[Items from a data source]
-*-

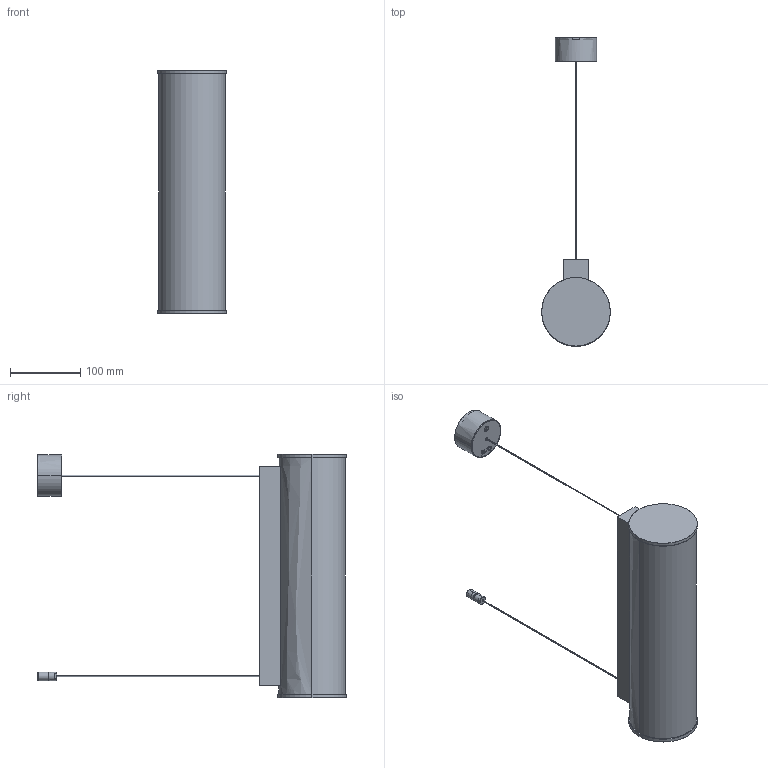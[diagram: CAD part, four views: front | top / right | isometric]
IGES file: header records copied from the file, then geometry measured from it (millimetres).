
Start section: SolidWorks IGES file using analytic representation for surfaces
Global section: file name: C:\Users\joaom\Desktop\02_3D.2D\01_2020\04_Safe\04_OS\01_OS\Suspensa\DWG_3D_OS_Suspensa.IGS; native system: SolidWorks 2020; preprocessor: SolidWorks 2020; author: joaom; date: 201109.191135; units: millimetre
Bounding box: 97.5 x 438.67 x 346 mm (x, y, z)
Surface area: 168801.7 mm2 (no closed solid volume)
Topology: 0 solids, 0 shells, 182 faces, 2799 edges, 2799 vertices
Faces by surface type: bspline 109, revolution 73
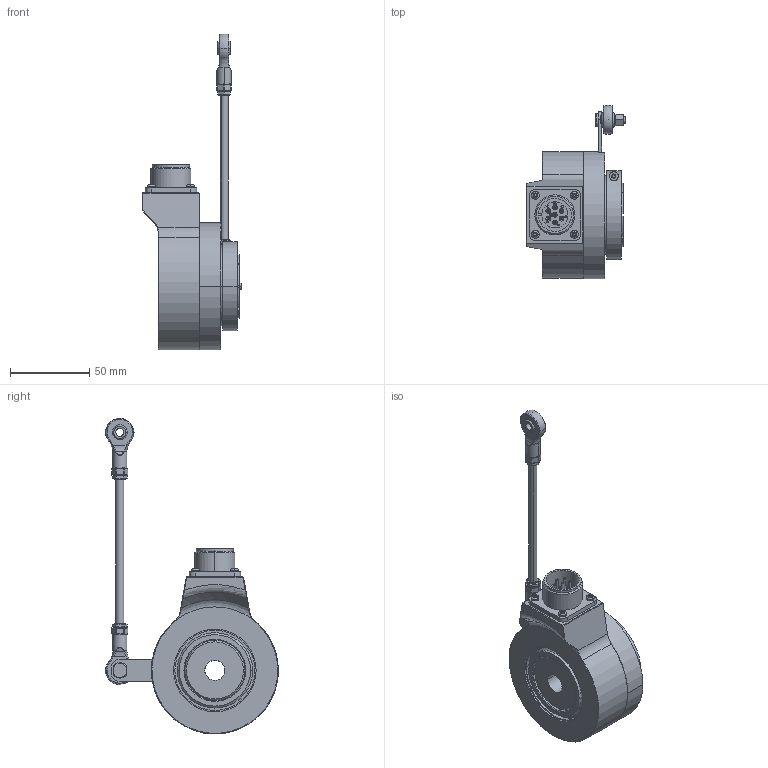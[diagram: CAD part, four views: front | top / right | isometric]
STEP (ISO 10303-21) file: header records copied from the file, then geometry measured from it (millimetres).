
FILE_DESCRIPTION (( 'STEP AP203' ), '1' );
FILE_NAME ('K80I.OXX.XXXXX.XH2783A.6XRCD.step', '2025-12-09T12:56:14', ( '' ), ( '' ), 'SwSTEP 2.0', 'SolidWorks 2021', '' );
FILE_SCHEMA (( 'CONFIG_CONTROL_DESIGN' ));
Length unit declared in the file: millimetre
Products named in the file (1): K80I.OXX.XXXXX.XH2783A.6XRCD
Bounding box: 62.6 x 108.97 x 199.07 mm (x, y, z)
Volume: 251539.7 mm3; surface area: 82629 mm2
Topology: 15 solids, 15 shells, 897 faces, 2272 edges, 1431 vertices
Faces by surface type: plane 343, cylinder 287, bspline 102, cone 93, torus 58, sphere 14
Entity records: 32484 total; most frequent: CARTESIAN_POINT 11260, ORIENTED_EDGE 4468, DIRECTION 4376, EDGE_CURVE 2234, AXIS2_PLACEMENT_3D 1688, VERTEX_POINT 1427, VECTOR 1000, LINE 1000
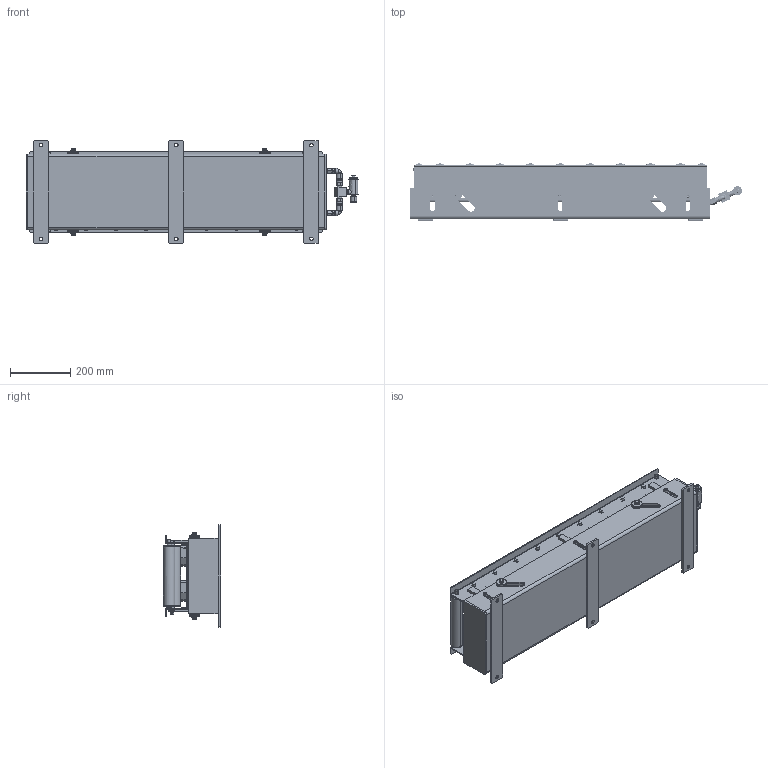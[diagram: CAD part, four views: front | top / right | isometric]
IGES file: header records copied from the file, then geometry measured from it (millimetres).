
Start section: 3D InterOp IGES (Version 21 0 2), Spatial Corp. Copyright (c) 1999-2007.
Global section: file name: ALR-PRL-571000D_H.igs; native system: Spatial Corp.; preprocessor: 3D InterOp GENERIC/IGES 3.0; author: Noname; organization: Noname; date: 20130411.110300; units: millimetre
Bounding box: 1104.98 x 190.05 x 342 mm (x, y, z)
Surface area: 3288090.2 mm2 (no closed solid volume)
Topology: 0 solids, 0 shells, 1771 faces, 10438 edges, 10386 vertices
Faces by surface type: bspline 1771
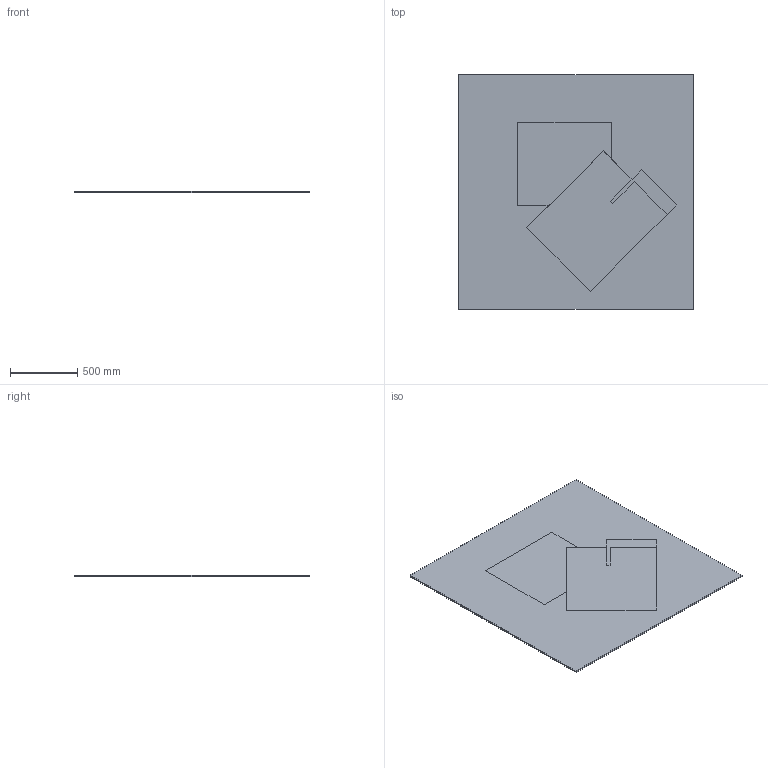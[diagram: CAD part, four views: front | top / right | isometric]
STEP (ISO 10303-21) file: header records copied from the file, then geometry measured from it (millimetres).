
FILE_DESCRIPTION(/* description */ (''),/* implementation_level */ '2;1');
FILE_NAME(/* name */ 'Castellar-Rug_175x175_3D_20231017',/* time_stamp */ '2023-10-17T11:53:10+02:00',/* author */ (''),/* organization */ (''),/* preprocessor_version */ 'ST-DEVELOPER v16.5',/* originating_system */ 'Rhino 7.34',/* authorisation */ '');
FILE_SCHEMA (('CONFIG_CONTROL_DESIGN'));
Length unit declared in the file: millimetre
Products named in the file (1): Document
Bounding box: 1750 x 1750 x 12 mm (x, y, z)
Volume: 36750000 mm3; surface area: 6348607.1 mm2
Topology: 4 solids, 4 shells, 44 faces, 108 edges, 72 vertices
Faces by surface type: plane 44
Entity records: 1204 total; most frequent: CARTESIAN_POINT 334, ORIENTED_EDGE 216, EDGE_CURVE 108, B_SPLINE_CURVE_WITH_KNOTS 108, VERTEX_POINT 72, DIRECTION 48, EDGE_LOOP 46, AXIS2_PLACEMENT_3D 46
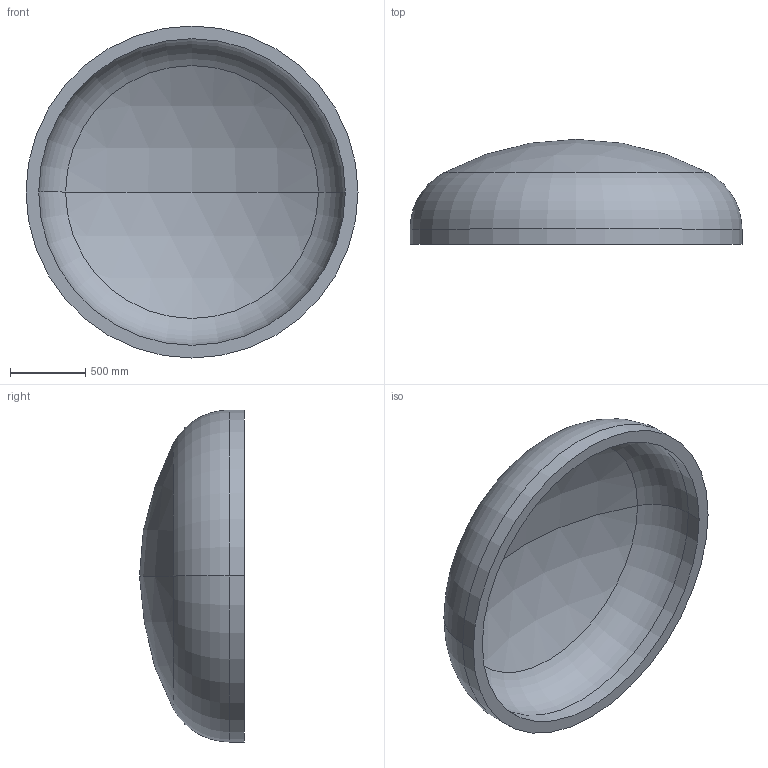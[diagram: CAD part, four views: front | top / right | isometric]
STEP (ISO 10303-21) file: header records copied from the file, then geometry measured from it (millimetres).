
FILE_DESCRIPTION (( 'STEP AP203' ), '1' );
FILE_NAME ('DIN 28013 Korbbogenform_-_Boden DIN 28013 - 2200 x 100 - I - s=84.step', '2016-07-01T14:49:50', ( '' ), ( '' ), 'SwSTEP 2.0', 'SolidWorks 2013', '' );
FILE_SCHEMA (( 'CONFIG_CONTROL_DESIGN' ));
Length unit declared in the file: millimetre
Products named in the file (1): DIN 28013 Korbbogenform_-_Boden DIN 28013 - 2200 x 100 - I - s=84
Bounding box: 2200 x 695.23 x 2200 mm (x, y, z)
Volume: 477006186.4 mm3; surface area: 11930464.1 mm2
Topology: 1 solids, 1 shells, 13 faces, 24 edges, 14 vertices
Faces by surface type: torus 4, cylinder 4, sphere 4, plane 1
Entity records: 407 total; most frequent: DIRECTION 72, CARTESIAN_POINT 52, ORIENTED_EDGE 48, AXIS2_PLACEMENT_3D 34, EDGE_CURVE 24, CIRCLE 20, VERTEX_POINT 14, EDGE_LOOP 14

-*-

■ **Task**:
Output all of the records word for word, and keep the pictures out of the copy.

■ **Response**:
[diagram: CAD part, four views: front | top / right | isometric]
IGES file: header records copied from the file, then geometry measured from it (millimetres).
Start section: SolidWorks IGES file using analytic representation for surfaces
Global section: file name: C:\Users\joaom\Desktop\02_3D.2D\01_2020\04_Safe\04_OS\01_OS\Suspensa\DWG_3D_OS_Suspensa.IGS; native system: SolidWorks 2020; preprocessor: SolidWorks 2020; author: joaom; date: 201109.191135; units: millimetre
Bounding box: 97.5 x 438.67 x 346 mm (x, y, z)
Surface area: 168801.7 mm2 (no closed solid volume)
Topology: 0 solids, 0 shells, 182 faces, 2799 edges, 2799 vertices
Faces by surface type: bspline 109, revolution 73
[diagram: CAD part, four views: front | top / right | isometric]
STEP (ISO 10303-21) file: header records copied from the file, then geometry measured from it (millimetres).
FILE_DESCRIPTION (( 'STEP AP203' ), '1' );
FILE_NAME ('K80I.OXX.XXXXX.XH2783A.6XRCD.step', '2025-12-09T12:56:14', ( '' ), ( '' ), 'SwSTEP 2.0', 'SolidWorks 2021', '' );
FILE_SCHEMA (( 'CONFIG_CONTROL_DESIGN' ));
Length unit declared in the file: millimetre
Products named in the file (1): K80I.OXX.XXXXX.XH2783A.6XRCD
Bounding box: 62.6 x 108.97 x 199.07 mm (x, y, z)
Volume: 251539.7 mm3; surface area: 82629 mm2
Topology: 15 solids, 15 shells, 897 faces, 2272 edges, 1431 vertices
Faces by surface type: plane 343, cylinder 287, bspline 102, cone 93, torus 58, sphere 14
Entity records: 32484 total; most frequent: CARTESIAN_POINT 11260, ORIENTED_EDGE 4468, DIRECTION 4376, EDGE_CURVE 2234, AXIS2_PLACEMENT_3D 1688, VERTEX_POINT 1427, VECTOR 1000, LINE 1000
[diagram: CAD part, four views: front | top / right | isometric]
IGES file: header records copied from the file, then geometry measured from it (millimetres).
Start section: 3D InterOp IGES (Version 21 0 2), Spatial Corp. Copyright (c) 1999-2007.
Global section: file name: ALR-PRL-571000D_H.igs; native system: Spatial Corp.; preprocessor: 3D InterOp GENERIC/IGES 3.0; author: Noname; organization: Noname; date: 20130411.110300; units: millimetre
Bounding box: 1104.98 x 190.05 x 342 mm (x, y, z)
Surface area: 3288090.2 mm2 (no closed solid volume)
Topology: 0 solids, 0 shells, 1771 faces, 10438 edges, 10386 vertices
Faces by surface type: bspline 1771
[diagram: CAD part, four views: front | top / right | isometric]
STEP (ISO 10303-21) file: header records copied from the file, then geometry measured from it (millimetres).
FILE_DESCRIPTION(/* description */ (''),/* implementation_level */ '2;1');
FILE_NAME(/* name */ 'Castellar-Rug_175x175_3D_20231017',/* time_stamp */ '2023-10-17T11:53:10+02:00',/* author */ (''),/* organization */ (''),/* preprocessor_version */ 'ST-DEVELOPER v16.5',/* originating_system */ 'Rhino 7.34',/* authorisation */ '');
FILE_SCHEMA (('CONFIG_CONTROL_DESIGN'));
Length unit declared in the file: millimetre
Products named in the file (1): Document
Bounding box: 1750 x 1750 x 12 mm (x, y, z)
Volume: 36750000 mm3; surface area: 6348607.1 mm2
Topology: 4 solids, 4 shells, 44 faces, 108 edges, 72 vertices
Faces by surface type: plane 44
Entity records: 1204 total; most frequent: CARTESIAN_POINT 334, ORIENTED_EDGE 216, EDGE_CURVE 108, B_SPLINE_CURVE_WITH_KNOTS 108, VERTEX_POINT 72, DIRECTION 48, EDGE_LOOP 46, AXIS2_PLACEMENT_3D 46
[diagram: CAD part, four views: front | top / right | isometric]
STEP (ISO 10303-21) file: header records copied from the file, then geometry measured from it (millimetres).
FILE_DESCRIPTION (( 'STEP AP203' ), '1' );
FILE_NAME ('DIN 28013 Korbbogenform_-_Boden DIN 28013 - 2200 x 100 - I - s=84.step', '2016-07-01T14:49:50', ( '' ), ( '' ), 'SwSTEP 2.0', 'SolidWorks 2013', '' );
FILE_SCHEMA (( 'CONFIG_CONTROL_DESIGN' ));
Length unit declared in the file: millimetre
Products named in the file (1): DIN 28013 Korbbogenform_-_Boden DIN 28013 - 2200 x 100 - I - s=84
Bounding box: 2200 x 695.23 x 2200 mm (x, y, z)
Volume: 477006186.4 mm3; surface area: 11930464.1 mm2
Topology: 1 solids, 1 shells, 13 faces, 24 edges, 14 vertices
Faces by surface type: torus 4, cylinder 4, sphere 4, plane 1
Entity records: 407 total; most frequent: DIRECTION 72, CARTESIAN_POINT 52, ORIENTED_EDGE 48, AXIS2_PLACEMENT_3D 34, EDGE_CURVE 24, CIRCLE 20, VERTEX_POINT 14, EDGE_LOOP 14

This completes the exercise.